Below are four major historical incidents of racism in medicine that are permanently cemented in medical studies.
The Tuskegee Syphilis Study
Beginning in 1932 and lasting until 1972, 600 Black men in Tuskegee, Ala., were experimented on to see the effects of syphilis in the human body in a government-sanctioned project. According to historical records, 399 were infected and another 201 were uninfected as a control, most of them poor sharecroppers from the area.
The research was conducted on the campus of the then-Tuskegee Institute by the U.S. Public Health Service.
The men, who were mostly illiterate, were not informed they were part of a medical study, were attracted by offers of high quality health care rarely received by their peers. But instead of being given medicines to treat syphilis, which were available by 1947, they were told they simply had “bad blood.” Prior to 1947, however, dozens of men had died and their wives and children infected.
In 1972, the Associated Press reported about the 40-year experiment on Black men taking place under the guise of a medical study. That prompted a considerable backlash and, ultimately, a panel blasted the poor ethics of those involved. The study officially ended that year. A 1973 class-action lawsuit on behalf of the victims resulted in a $9 million settlement.
Ferguson v. City of Charleston
In 1989, the Medical University of South Carolina implemented a program that involuntarily and unconstitutionally tested pregnant women in Greenville, S.C., who were looking to receive prenatal care, for traces of cocaine in their system. A positive result would result in the immediate arrest of women seeking treatment. Out of the 30 women arrested, 29 of them were Black. According to the ACLU, one woman spent the final three weeks of her pregnancy in jail, receiving prenatal care in shackles.
The program was dropped by MUSC in 1994 when the U.S. Department of Health and Human Services investigated whether the university had violated the civil rights of its Black patients.
But a group of women who had been arrested as a result of the program brought suit against the MUSC and the City of Charleston, charging violations of their Fourth Amendment rights.

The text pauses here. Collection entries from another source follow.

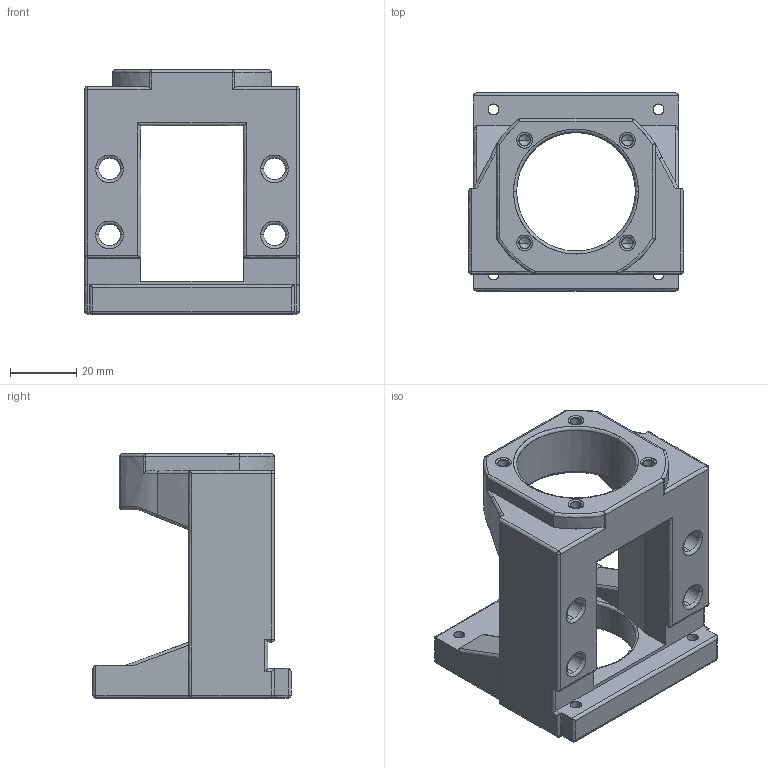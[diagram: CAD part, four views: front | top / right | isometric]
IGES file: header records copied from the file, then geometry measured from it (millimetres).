
Start section: SolidWorks IGES file using analytic representation for surfaces
Global section: file name: C:\Users\117\Desktop\MBA12-BF.IGS; native system: SolidWorks 2017; preprocessor: SolidWorks 2017; author: 117; date: 180103.102714; units: millimetre
Bounding box: 65 x 60 x 74 mm (x, y, z)
Surface area: 26231.7 mm2 (no closed solid volume)
Topology: 0 solids, 0 shells, 227 faces, 2655 edges, 2627 vertices
Faces by surface type: revolution 142, bspline 85
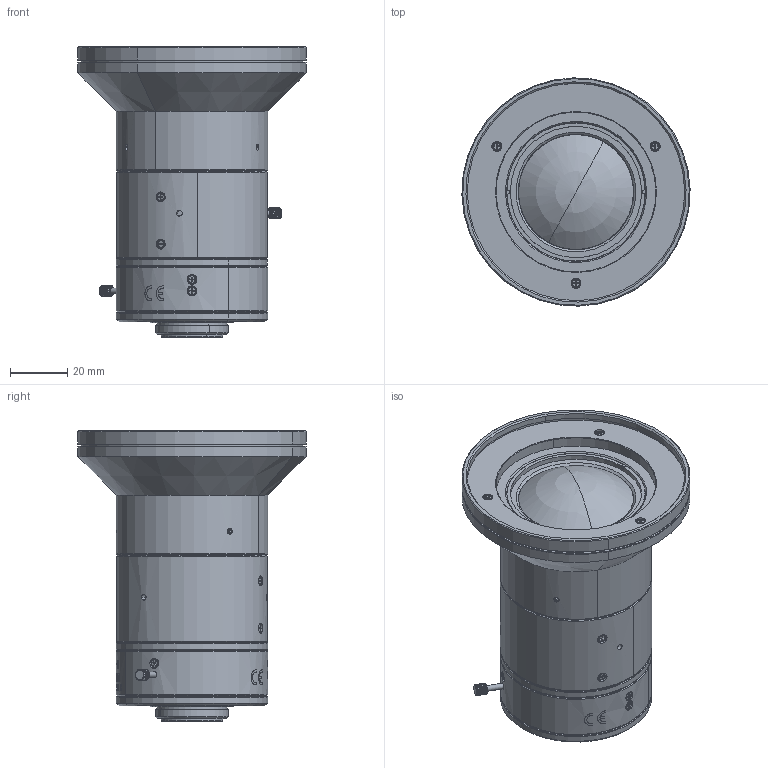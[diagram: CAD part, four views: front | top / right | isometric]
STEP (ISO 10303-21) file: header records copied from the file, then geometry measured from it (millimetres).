
FILE_DESCRIPTION(('CATIA V5 STEP Exchange'),'2;1');
FILE_NAME('\\Cadsys-srv224\13_特機設技-秘\01_機構設計\01_機種別\00.開発・量産機種\CATIA_data\EC002E0000(M692 f=8)\07_to客先\11_TEG\3D外観_stp\20150116\M111FM08.stp','2015-01-28T07:24:48+00:00',('none'),('none'),'CATIA Version 5 Release 19 SP 8 (IN-10)','CATIA V5 STEP AP203','none');
FILE_SCHEMA(('CONFIG_CONTROL_DESIGN'));
Products named in the file (1): M111FM08
Bounding box: 79.98 x 79.98 x 101.86 mm (x, y, z)
Volume: 232470.3 mm3; surface area: 38661.9 mm2
Topology: 1 solids, 12 shells, 2176 faces, 5989 edges, 3937 vertices
Faces by surface type: bspline 1226, plane 358, cylinder 324, cone 228, torus 32, sphere 8
Entity records: 85463 total; most frequent: CARTESIAN_POINT 43053, ORIENTED_EDGE 11922, EDGE_CURVE 5961, B_SPLINE_CURVE_WITH_KNOTS 4135, VERTEX_POINT 3937, DIRECTION 3234, EDGE_LOOP 2344, ADVANCED_FACE 2176

The jury found that the women had consented and ruled in favor of the city and the hospital. But the case was appealed all the way to the U.S. Supreme Court.
The court held that the search was, in fact, unconstitutional. In the Supreme Court’s majority opinion, Justice John Paul Stevens wrote: “While state hospital employees, like other citizens, may have a duty to provide the police with evidence of criminal conduct…they have a special obligation to make sure that the patients are fully informed about their constitutional rights.”
J. Marion Sims’ Procedures on Enslaved Black Women
The 19th-century physician was known for years as the “father of modern gynecology” but he received that moniker through brutalmeans. While he contributed to the development of gynecology tools we use today, these techniques were developed through the use of enslaved women in experimentation. In a hospital he built in Montgomery, Ala., in the 1840s, specifically for treating Black women, and was said to be the first to treat a vesicovaginal fistula, which is an opening between the bladder and the wall of the vagina.
But between 1845 and 1849, he performed experimental surgery on at least 12 subjects who were enslaved Black women, attempting to perfect his fistula repair methods. But on at least three women, he did not use any anesthetic, adhering to a popular social belief that Black people did not feel pain the same way whites did. One woman died of sepsis as he operated on her in front of other physicians. After he perfected his technique, he later moved to New York, where he did perform the procedure on white women, whom he did give anesthesia.
A statue of him in New York’s Central Park was removed in 2018 after multiple calls for its removal after his history of mutilation of Black women was unearthed.
The Cincinnati Radiation Experiments
From 1960 to 1971, Dr. Eugene Sanger, a radiologist from the University of Cincinnati conducted exploitative experiments on 88 terminal cancer patients by overuse of radiation. The patients, who came from poor backgrounds, were 60 percent Black and aged 9 to 84. They were told they were being given a treatment that would help them fight their illnesses. They were not given consent forms, nor were they informed that the Pentagon was behind funding the project. At the time, the Cold War between the west and the then-Soviet Union was increasing, creating military interest in the effects of radiation from nuclear weapons.
In a period of an hour, patients were exposed to up to 300 rads, or the equivalent of 20,000 chest x-rays, well above the amount of radiation exposure that is considered safe. Of the total number of patients experimented on in the 11-year-study, a quarter are believed to have died from the radiation exposure. Saenger openly admitted to what he was doing and defended his actions as necessary. He was never implicated with any crime and continued to practice medicine at the University of Cincinnati Medical Center until his retirement in 1987. The families of patients who died in the experiments won a $5.4 million settlement in 1999.
Saenger died in 2007 at age 90. A fund at the university still continues to bear his name.